However you dissect the finances of a business, specifically a small business, cash is the primary component of the bottom line. The more cash in the coffers, the more flexibility the business has.
The current global recession has dealt extremely harshly with Canadian small businesses. Reduced sales and credit restrictions have pummeled the cash flow of many worthy enterprises.
The Canadian government, seeking to ease the plight of this important and large sector of the country's business community, has established several stimulus programs through its Economic Action Plan to provide much needed economic relief. Realizing that continued growth of small business is dependant upon available cash, the federal government has passed legislation that increased the amount of small business income eligible for a reduced federal tax rate of 11 percent. Effective January 1, 2009, the eligibility cap was raised from $400,000 to $500,000. Canadian-controlled private corporations that claim the small business deduction are eligible for this credit.
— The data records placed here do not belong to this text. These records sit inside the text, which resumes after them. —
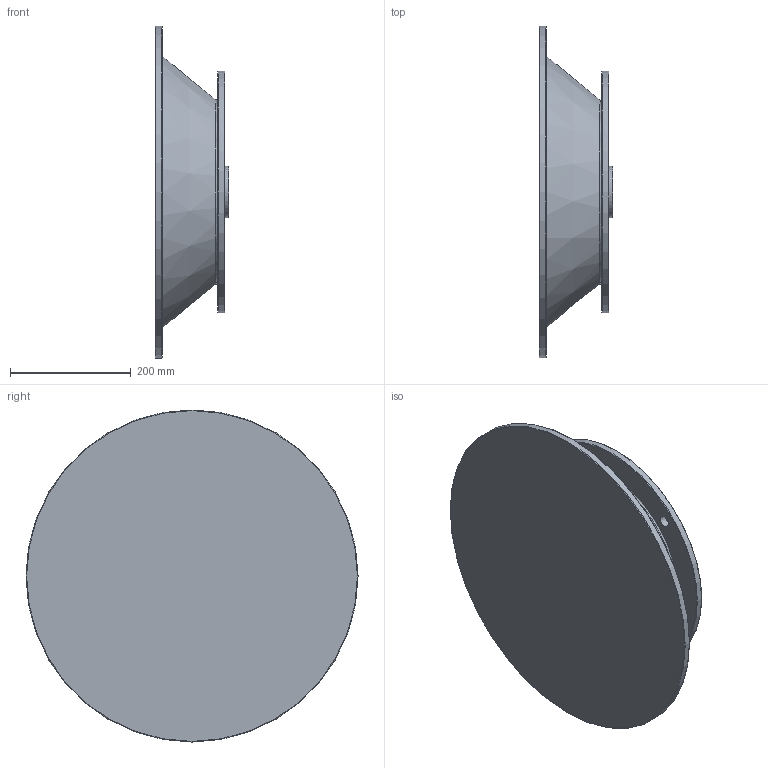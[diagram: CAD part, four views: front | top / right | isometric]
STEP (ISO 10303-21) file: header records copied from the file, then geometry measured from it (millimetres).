
FILE_DESCRIPTION((''),'2;1');
FILE_NAME('D:\PAWEŁ\ZLECENIA\DualSystem\001 Modele\DKAB150_\DK_150_STEP\200_B5_L115,5.stp','2011-12-19T15:55:23',('Pawe'),(''),'Autodesk Inventor 2009','Autodesk Inventor 2009','');
FILE_SCHEMA(('AUTOMOTIVE_DESIGN { 1 0 10303 214 1 1 1 1 }'));
Length unit declared in the file: millimetre
Products named in the file (1): 200_B5_L115,5
Bounding box: 122 x 550 x 550 mm (x, y, z)
Volume: 4742208 mm3; surface area: 944650.4 mm2
Topology: 1 solids, 1 shells, 30 faces, 58 edges, 36 vertices
Faces by surface type: plane 11, cylinder 6, bspline 6, torus 5, cone 2
Full cylindrical faces by diameter (mm): 85 x1, 284.484 x1, 300 x1, 400 x1, 550 x1
Entity records: 895 total; most frequent: CARTESIAN_POINT 281, DIRECTION 120, ORIENTED_EDGE 80, EDGE_LOOP 62, AXIS2_PLACEMENT_3D 55, EDGE_CURVE 40, VERTEX_POINT 36, FACE_BOUND 32

By increasing the eligible income by 25 percent, the federal government is helping small businesses retain more of their hard-earned cash. This, in turn, will help stabilize the business community, create new, much-needed jobs, and promote economic growth throughout the nation. It is estimated that this reduced tax rate will cost the country more than $120 million over the next two years. However, with nearly half a million Canadians out of work, it is a wise investment and money well spent.
Canadian businesses can obtain detailed information from the applicable federal government agencies.